Die Grünen aber haben auf ihrem Parteitag Mitte Oktober festgelegt, dass sie einer Laufzeitverlängerung bis ins Frühjahr zustimmen. Die AKW dürfen aber keine neuen Brennstäbe erhalten und es darf keine weitere Laufzeitverlängerung geben. Und das haben die Parteispitzen auch immer wieder in öffentlichen Statements festgemeißelt: "Das Gesetz sagt eindeutig, dass am 15.4. abgeschaltet wird, dass keine neuen Brennelemente beschafft werden sollen", betonte Umweltministerin Steffi Lemke (Grüne) am Freitag vor der Abstimmung im Bundestag in der Sendung "Frühstart". Sie bejahte die Frage, ob das Atomzeitalter in Deutschland damit zu Ende sei.

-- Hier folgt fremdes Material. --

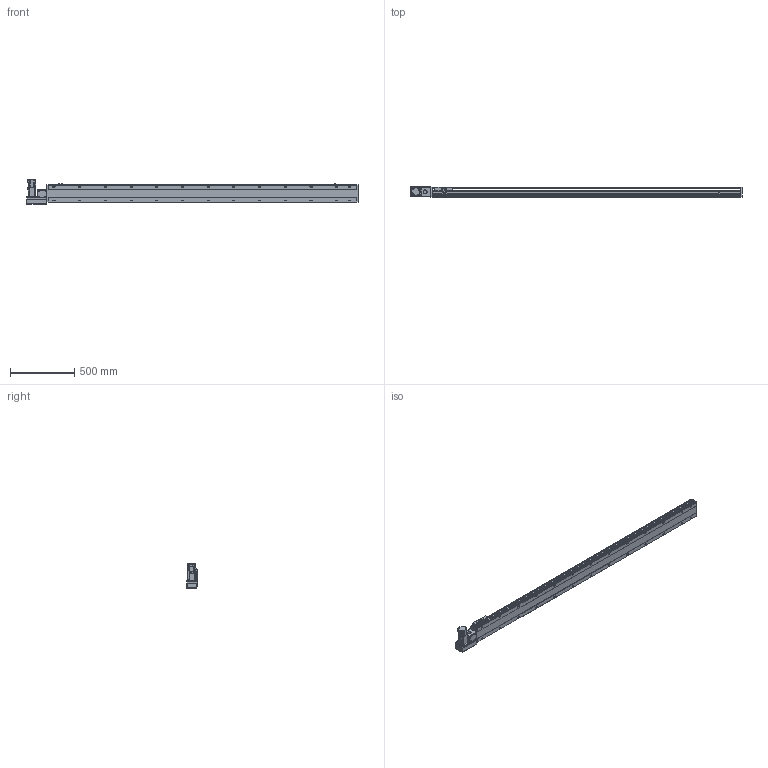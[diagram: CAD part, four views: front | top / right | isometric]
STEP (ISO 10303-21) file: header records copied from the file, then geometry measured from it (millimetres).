
FILE_DESCRIPTION( ( 'STEP AP214' ), '1' );
FILE_NAME( 'x:/temp/worker_27/temp/exporttempdir_6708_308_z4T8F/format_0/PBS140-P40-S2150-L-T40-C1-N(0).stp', '2022-06-06T01:06:39', ( 'License CC BY-ND 4.0' ), ( 'CADENAS' ), ' ', 'PARTsolutions', ' ' );
FILE_SCHEMA( ( 'AUTOMOTIVE_DESIGN { 1 0 10303 214 1 1 1 1 }' ) );
Length unit declared in the file: millimetre
Products named in the file (7): PBS140-P40-S2150-L-T40-C1-N(0); _PBS140-S2150()_body; _PBS140T-L_motors; _T40-p1; _PBS140_sliser; _PBS140_plant; _PBS140_sensor
Assembly tree (8 placements, depth 2):
  PBS140-P40-S2150-L-T40-C1-N(0)
    _PBS140-S2150()_body
    _PBS140T-L_motors
    _T40-p1
    _PBS140_sliser
    _PBS140_plant
    _PBS140_sensor  x3
Bounding box: 2583 x 80.5 x 189.7 mm (x, y, z)
Volume: 11332795.1 mm3; surface area: 1937537.7 mm2
Topology: 8 solids, 8 shells, 1155 faces, 3036 edges, 1983 vertices
Faces by surface type: plane 722, cylinder 371, cone 52, sphere 8, torus 2
Full cylindrical faces by diameter (mm): 3.242 x4, 4 x2, 4.134 x4, 4.4 x8, 4.5 x2, 4.8 x4, 4.917 x34, 5.5 x7, 6 x2, 7 x28, 7.5 x8, 8 x12, 8.5 x4, 10.5 x26, 14 x1, 30 x2, 50 x2
Entity records: 42499 total; most frequent: CARTESIAN_POINT 7091, DIRECTION 5547, ORIENTED_EDGE 5212, EDGE_CURVE 2606, AXIS2_PLACEMENT_3D 1957, VERTEX_POINT 1821, LINE 1633, VECTOR 1633

Klöckner: "Das ist wie moderner Kolonialismus"

Der Union, die die AKW ebenfalls länger laufen lassen will, bietet die Haltung der Ampel jedenfalls schon jetzt viel Angriffsfläche. "Es geht ihnen nur noch um Parteipolitik", kritisierte CDU-Politikerin und Ex-Ministerin Julia Klöckner am Freitag in einer Rede. Die Bundesregierung wolle Fracking-Gas importieren, aber nicht selbst in Deutschland fördern; sie wolle Atomenergie aus anderen Ländern beziehen, aber die eigenen AKW nicht weiterlaufen lassen. Klöckners Vorwurf: Deutschland agiert asozial, die Folgekosten für das Nutzen der Fossilen schiebt die Ampel ab. "Das ist wie moderner Kolonialismus", ruft sie scharf.

Je nachdem, wie hart die Energiekrise Deutschland im Winter trifft, ist schon jetzt klar: Grünen-Politiker wie Bernhard Herrmann werden ihre rote Linie sehr bald erneut verteidigen müssen.